Now for the crux of the fractal generation process: the split function. As is customary with functional languages, looping is done using recursion and split is no exception. Passing in a list of y coordinates, a maximum displacement as generated by maxDisplacements, and a random number generator, split is defined as:

    let rec split (ys : list<float>) displacement (random : Random) =
        match ys with
        | a :: b :: tail ->
            let m = b - a / 2.0
            let r = random.NextDouble() * displacement
            a :: a + m + r :: split (b :: tail) displacement random
        | a -> a

Using pattern matching, an if-then-else construct on steroids, split examines its input of y coordinates to determine if the inductive or the base case of the recursive implementation needs to be invoked. The first pattern matches a list starting with elements a and b following by zero or more elements. In case this pattern matches, a new list is returned. It’s composed of the original a element, a new displaced element, the original b element, and split applied to the original list with its first element removed. Removing one element at a time, at some point only one element is left in the list in which case the base case is invoked. When this happens, all the original line segments have been split in two.

Finally, the main function ties together the previous ones. Given an initial line segment, the number of times to apply split to it, and a random number generator, the actual splitting is done using the build-in fold_left function. fold_left is an example of fun with folds and a function that is itself recursively defined to make looping implicit.

    let main() =
        let initial = [0.0; 0.0]
        let splits = 8
        let r = new Random()
        let ys = List.fold_left (fun s d -> split s d r) initial (maxDisplacements splits)
        print_any (composeCoordinates ys)

While initially hard to grog, the use of fold_left becomes clearer when applied to a list of integers to compute their product. Of the three arguments to fold_left the first is a function defined by a lambda expression (here the predefined multiplication operator is also applicable but less explicit). The second argument is the initial value of an accumulator. And finally, the third argument is the list to work on.

    List.fold_left (fun x y -> x * y) 1 [1;2;3]
    List.fold_left (*) 1 [1;2;3]

What fold_left does is recursively call itself passing along the first argument as is. The second argument is the new value of the accumulator, computed by passing to the function of the first argument the original value of the accumulator and the first element of the list. That way it’s up to the function passed as the first argument to decide what operation to apply to the elements in the list. The third argument is the original list with the first element removed. The recursive chain of calls with their arguments then takes on this form:

    List.fold_left (fun 1 1 -> 1 * 1) 1 [1;2;3]
    List.fold_left (fun 1 2 -> 1 * 2) 1 [2;3]
    List.fold_left (fun 2 3 -> 2 * 3) 2 [3]

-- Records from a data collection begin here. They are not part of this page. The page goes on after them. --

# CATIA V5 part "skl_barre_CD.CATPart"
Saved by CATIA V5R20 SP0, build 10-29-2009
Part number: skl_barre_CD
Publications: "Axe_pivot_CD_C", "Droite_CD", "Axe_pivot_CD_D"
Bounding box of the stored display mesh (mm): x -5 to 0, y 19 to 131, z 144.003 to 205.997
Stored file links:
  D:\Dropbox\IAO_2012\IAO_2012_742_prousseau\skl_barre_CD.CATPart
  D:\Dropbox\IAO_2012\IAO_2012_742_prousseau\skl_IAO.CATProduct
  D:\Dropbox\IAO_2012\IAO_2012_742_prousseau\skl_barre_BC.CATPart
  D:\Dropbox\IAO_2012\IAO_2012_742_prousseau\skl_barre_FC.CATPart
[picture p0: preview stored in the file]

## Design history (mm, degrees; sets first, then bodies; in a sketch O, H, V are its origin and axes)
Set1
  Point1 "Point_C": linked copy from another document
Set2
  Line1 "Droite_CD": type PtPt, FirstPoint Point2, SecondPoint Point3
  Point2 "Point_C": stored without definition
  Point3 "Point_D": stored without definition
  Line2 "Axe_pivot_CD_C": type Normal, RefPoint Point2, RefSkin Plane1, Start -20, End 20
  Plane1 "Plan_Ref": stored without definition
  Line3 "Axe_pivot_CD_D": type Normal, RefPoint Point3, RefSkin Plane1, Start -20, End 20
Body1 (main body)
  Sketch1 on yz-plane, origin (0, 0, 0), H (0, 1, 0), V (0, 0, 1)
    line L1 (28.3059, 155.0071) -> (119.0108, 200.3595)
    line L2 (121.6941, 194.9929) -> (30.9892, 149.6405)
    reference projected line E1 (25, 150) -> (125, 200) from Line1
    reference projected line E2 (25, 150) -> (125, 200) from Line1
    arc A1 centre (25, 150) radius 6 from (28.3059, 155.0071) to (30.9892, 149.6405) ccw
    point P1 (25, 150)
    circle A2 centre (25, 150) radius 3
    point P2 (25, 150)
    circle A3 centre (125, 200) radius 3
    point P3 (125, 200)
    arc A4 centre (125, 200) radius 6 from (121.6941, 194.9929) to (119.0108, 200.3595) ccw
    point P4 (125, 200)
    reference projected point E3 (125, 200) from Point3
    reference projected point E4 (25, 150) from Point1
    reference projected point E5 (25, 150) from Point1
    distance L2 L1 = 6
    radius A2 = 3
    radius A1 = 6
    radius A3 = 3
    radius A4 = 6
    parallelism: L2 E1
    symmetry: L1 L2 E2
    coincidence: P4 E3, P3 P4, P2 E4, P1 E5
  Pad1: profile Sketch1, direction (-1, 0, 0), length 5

Within the main function the first argument to fold_left is a lambda expression that applies the split function to a list. The second argument, the accumulator, isn’t a scalar like with the product example, but a list of line segments to be passed to split. Finally, the third argument is the maximum displacement list. And so for the original line segment to be split n times, n maximum displacements must be provided by the maxDisplacements function.